• [Exercise aim] Leaving pictures aside, set down each line exactly, from the first line of the data to the line with "doc.units = 0", both included.

• [Data]

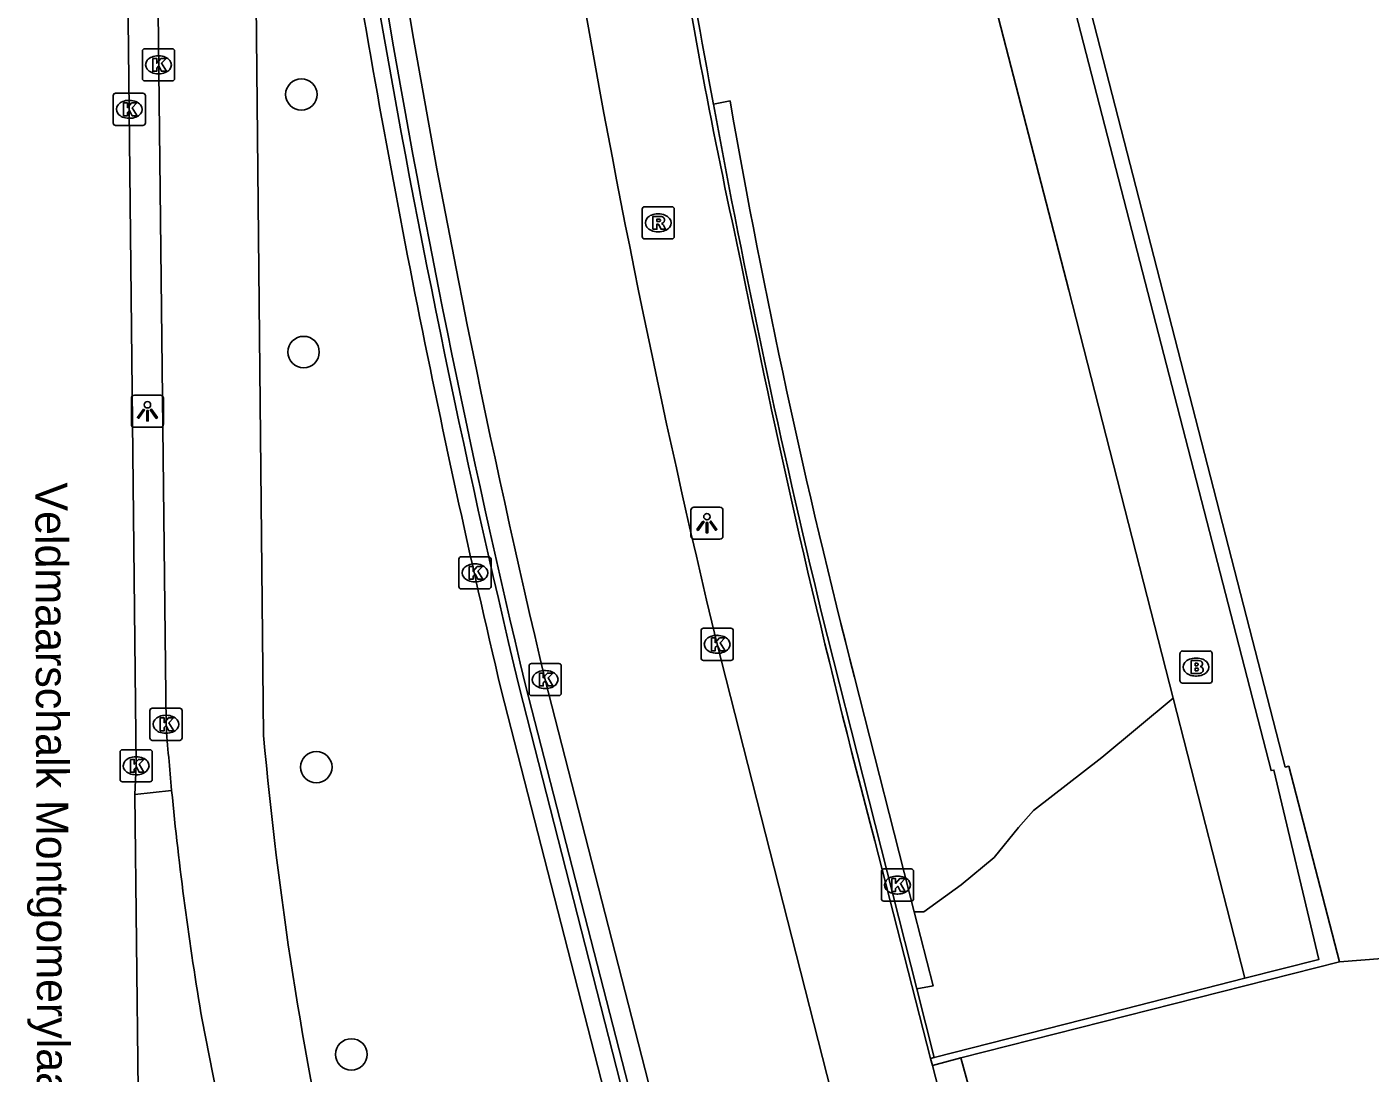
# Model space of a CAD drawing. Extents: x 160806 to 161707, y 383697 to 384148.
# Drawn here: x 161237.99 to 161279.79, y 383960.49 to 383993.06 of the extents above; entities that cross this region are included whole.
import ezdxf

# ---------------------------------------------------------------- set-up
doc = ezdxf.new("R2010")
doc.units = 0
for name, color, linetype in [('IMGEO_Boom', 7, 'Continuous'), ('IMGEO_Brandkraan', 7, 'Continuous'), ('IMGEO_Fietspad_open', 7, 'Continuous'), ('IMGEO_Groenvoorziening', 7, 'Continuous'), ('IMGEO_Kolk', 7, 'Continuous'), ('IMGEO_Lichtpunt', 7, 'Continuous'), ('IMGEO_Muur', 7, 'Continuous'), ('IMGEO_Openbare_ruimte_label', 7, 'Continuous'), ('IMGEO_Rijbaan_lokaal_gesloten', 7, 'Continuous'), ('IMGEO_Rioolput', 7, 'Continuous'), ('IMGEO_Verkeerseiland_gesloten', 7, 'Continuous'), ('IMGEO_Verkeerseiland_open', 7, 'Continuous'), ('IMGEO_Voetpad_gesloten', 7, 'Continuous'), ('IMGEO_Voetpad_open', 7, 'Continuous')]:
    doc.layers.add(name, color=color, linetype=linetype)

msp = doc.modelspace()

# ---------------------------------------------------------------- linework, layer by layer
at = {"layer": 'IMGEO_Boom'}
for centre in [(161246.528, 383990.956), (161246.596, 383982.939), (161246.992, 383970.018), (161248.083, 383961.076)]:
    msp.add_circle(centre, 0.489, dxfattribs=at)
at = {"layer": 'IMGEO_Brandkraan'}
for p, q in [((161273.87, 383972.707), (161273.87, 383973.559)), ((161273.945, 383973.633), (161274.797, 383973.633)), ((161274.358, 383973.413), (161274.383, 383973.413)), ((161274.871, 383973.559), (161274.871, 383972.707)), ((161274.797, 383972.633), (161273.945, 383972.633)), ((161274.381, 383972.853), (161274.356, 383972.853))]:
    msp.add_line(p, q, dxfattribs=at)
for points in [[(161273.87, 383972.707), (161273.87, 383973.559)], [(161273.945, 383973.633), (161274.797, 383973.633)], [(161274.218, 383973.333), (161274.218, 383972.933), (161274.431, 383972.933)], [(161274.449, 383973.333), (161274.218, 383973.333)], [(161274.871, 383973.559), (161274.871, 383972.707)], [(161274.397, 383973.252), (161274.343, 383973.252), (161274.343, 383973.176)], [(161274.343, 383973.176), (161274.396, 383973.176)], [(161274.405, 383973.1), (161274.343, 383973.1), (161274.343, 383973.019)], [(161274.343, 383973.019), (161274.405, 383973.019)], [(161274.797, 383972.633), (161273.945, 383972.633)]]:
    msp.add_lwpolyline(points, dxfattribs=at)
for centre, radius, start, end in [((161273.947, 383973.557), 0.0765, 91.552, 178.448), ((161273.947, 383973.557), 0.0765, 91.552, 178.448), ((161274.453, 383973.188), 0.145, 59.4692, 91.5367), ((161274.478, 383973.235), 0.0922, 285.5137, 58.1501), ((161274.795, 383973.557), 0.0765, 1.552, 88.448), ((161274.795, 383973.557), 0.0765, 1.552, 88.448), ((161274.398, 383973.214), 0.0379, 267.8285, 90.9355), ((161274.406, 383973.059), 0.0404, 269.8759, 90.5077), ((161274.437, 383973.184), 0.251, 268.6676, 293.5347), ((161274.483, 383973.043), 0.105, 301.3115, 78.989), ((161273.947, 383972.709), 0.0765, 181.552, 268.448), ((161273.947, 383972.709), 0.0765, 181.552, 268.448), ((161274.795, 383972.709), 0.0765, 271.552, 358.448), ((161274.795, 383972.709), 0.0765, 271.552, 358.448)]:
    msp.add_arc(centre, radius, start, end, dxfattribs=at)
for centre, major_axis, ratio, start_param, end_param in [((161274.357, 383973.133), (-0.387, 0.002), 0.722429, 4.712389, 7.853982), ((161274.382, 383973.133), (-0.39, 0.002), 0.717154, 1.570796, 4.712389)]:
    msp.add_ellipse(centre, major_axis=major_axis, ratio=ratio, start_param=start_param, end_param=end_param, dxfattribs=at)
at = {"layer": 'IMGEO_Fietspad_open'}
for points in [[(161241.737, 384044.23), (161241.861, 384012.393), (161241.998, 384000), (161242.316, 383971.348)], [(161245.354, 383970.999), (161245.058, 384000), (161244.731, 384032.028), (161244.792, 384040.216)], [(161266.435, 383946.5), (161265.897, 383948.588), (161264.804, 383952.922), (161259.465, 383973.845)], [(161261.187, 383945.139), (161260.855, 383946.434), (161254.116, 383972.74)], [(161246.739, 383948.007), (161244.797, 383955.231), (161243.442, 383962.149)]]:
    msp.add_lwpolyline(points, dxfattribs=at)
for centre, radius, start, end in [((161578.56, 384050.467), 328.165, 189.56836, 193.5024), ((161576.726, 384049.366), 331.586, 189.45347, 193.3612), ((161338.146, 383978.483), 96.095, 184.25791, 185.48645), ((161357.327, 383980.918), 112.412, 185.06229, 192.69832), ((161341.239, 383978.8), 99.205, 185.49822, 189.66271)]:
    msp.add_arc(centre, radius, start, end, dxfattribs=at)
at = {"layer": 'IMGEO_Groenvoorziening'}
msp.add_lwpolyline([(161273.656, 383972.166), (161271.438, 383970.317), (161269.309, 383968.667), (161268.844, 383968.144), (161268.086, 383967.207), (161267.06, 383966.359), (161265.9, 383965.512), (161265.599, 383965.509)], dxfattribs=at)
at = {"layer": 'IMGEO_Kolk'}
for p, q in [((161241.581, 383991.454), (161241.581, 383992.306)), ((161241.656, 383992.38), (161242.508, 383992.38)), ((161242.069, 383992.16), (161242.094, 383992.16)), ((161242.582, 383992.306), (161242.582, 383991.454)), ((161242.508, 383991.38), (161241.656, 383991.38)), ((161242.092, 383991.6), (161242.067, 383991.6)), ((161240.672, 383990.068), (161240.672, 383990.92)), ((161240.747, 383990.994), (161241.599, 383990.994)), ((161241.673, 383990.92), (161241.673, 383990.068)), ((161241.16, 383990.774), (161241.185, 383990.774)), ((161241.183, 383990.214), (161241.158, 383990.214)), ((161241.599, 383989.994), (161240.747, 383989.994)), ((161251.429, 383975.64), (161251.429, 383976.492)), ((161251.504, 383976.566), (161252.356, 383976.566)), ((161251.917, 383976.346), (161251.942, 383976.346)), ((161252.43, 383976.492), (161252.43, 383975.64)), ((161252.356, 383975.566), (161251.504, 383975.566)), ((161251.94, 383975.786), (161251.915, 383975.786)), ((161258.966, 383973.415), (161258.966, 383974.267)), ((161259.041, 383974.341), (161259.893, 383974.341)), ((161259.967, 383974.267), (161259.967, 383973.415)), ((161259.454, 383974.121), (161259.479, 383974.121)), ((161259.893, 383973.341), (161259.041, 383973.341)), ((161259.477, 383973.561), (161259.452, 383973.561)), ((161253.613, 383972.318), (161253.613, 383973.17)), ((161253.688, 383973.244), (161254.54, 383973.244)), ((161254.101, 383973.024), (161254.126, 383973.024)), ((161254.614, 383973.17), (161254.614, 383972.318)), ((161254.124, 383972.464), (161254.099, 383972.464)), ((161254.54, 383972.244), (161253.688, 383972.244)), ((161241.814, 383970.926), (161241.814, 383971.778)), ((161241.889, 383971.852), (161242.741, 383971.852)), ((161242.302, 383971.632), (161242.327, 383971.632)), ((161242.815, 383971.778), (161242.815, 383970.926)), ((161242.741, 383970.852), (161241.889, 383970.852)), ((161242.325, 383971.072), (161242.3, 383971.072)), ((161240.885, 383969.635), (161240.885, 383970.487)), ((161240.96, 383970.561), (161241.812, 383970.561)), ((161241.886, 383970.487), (161241.886, 383969.635)), ((161241.373, 383970.341), (161241.398, 383970.341)), ((161241.812, 383969.561), (161240.96, 383969.561)), ((161241.396, 383969.781), (161241.371, 383969.781)), ((161264.577, 383965.922), (161264.577, 383966.774)), ((161264.652, 383966.848), (161265.504, 383966.848)), ((161265.065, 383966.628), (161265.09, 383966.628)), ((161265.578, 383966.774), (161265.578, 383965.922)), ((161265.504, 383965.848), (161264.652, 383965.848)), ((161265.088, 383966.068), (161265.063, 383966.068))]:
    msp.add_line(p, q, dxfattribs=at)
for points in [[(161241.581, 383991.454), (161241.581, 383992.306)], [(161241.656, 383992.38), (161242.508, 383992.38)], [(161242.582, 383992.306), (161242.582, 383991.454)], [(161241.902, 383992.08), (161242.025, 383992.08), (161242.025, 383991.929), (161242.155, 383992.08), (161242.319, 383992.08), (161242.173, 383991.929), (161242.326, 383991.68), (161242.174, 383991.68), (161242.089, 383991.844), (161242.025, 383991.777), (161242.025, 383991.68), (161241.902, 383991.68), (161241.902, 383992.08)], [(161242.508, 383991.38), (161241.656, 383991.38)], [(161240.672, 383990.068), (161240.672, 383990.92)], [(161240.747, 383990.994), (161241.599, 383990.994)], [(161241.673, 383990.92), (161241.673, 383990.068)], [(161240.993, 383990.694), (161241.116, 383990.694), (161241.116, 383990.543), (161241.246, 383990.694), (161241.41, 383990.694), (161241.264, 383990.543), (161241.417, 383990.294), (161241.265, 383990.294), (161241.18, 383990.458), (161241.116, 383990.391), (161241.116, 383990.294), (161240.993, 383990.294), (161240.993, 383990.694)], [(161241.599, 383989.994), (161240.747, 383989.994)], [(161251.429, 383975.64), (161251.429, 383976.492)], [(161251.504, 383976.566), (161252.356, 383976.566)], [(161251.75, 383976.266), (161251.873, 383976.266), (161251.873, 383976.115), (161252.003, 383976.266), (161252.167, 383976.266), (161252.021, 383976.115), (161252.174, 383975.866), (161252.022, 383975.866), (161251.937, 383976.03), (161251.873, 383975.963), (161251.873, 383975.866), (161251.75, 383975.866), (161251.75, 383976.266)], [(161252.43, 383976.492), (161252.43, 383975.64)], [(161252.356, 383975.566), (161251.504, 383975.566)], [(161258.966, 383973.415), (161258.966, 383974.267)], [(161259.041, 383974.341), (161259.893, 383974.341)], [(161259.967, 383974.267), (161259.967, 383973.415)], [(161259.287, 383974.041), (161259.41, 383974.041), (161259.41, 383973.89), (161259.54, 383974.041), (161259.704, 383974.041), (161259.558, 383973.89), (161259.711, 383973.641), (161259.559, 383973.641), (161259.474, 383973.805), (161259.41, 383973.738), (161259.41, 383973.641), (161259.287, 383973.641), (161259.287, 383974.041)], [(161259.893, 383973.341), (161259.041, 383973.341)], [(161253.613, 383972.318), (161253.613, 383973.17)], [(161253.688, 383973.244), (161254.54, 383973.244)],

• [Answer area]
# Model space of a CAD drawing. Extents: x 160806 to 161707, y 383697 to 384148.
# Drawn here: x 161237.99 to 161279.79, y 383960.49 to 383993.06 of the extents above; entities that cross this region are included whole.
import ezdxf

# ---------------------------------------------------------------- set-up
doc = ezdxf.new("R2010")
doc.units = 0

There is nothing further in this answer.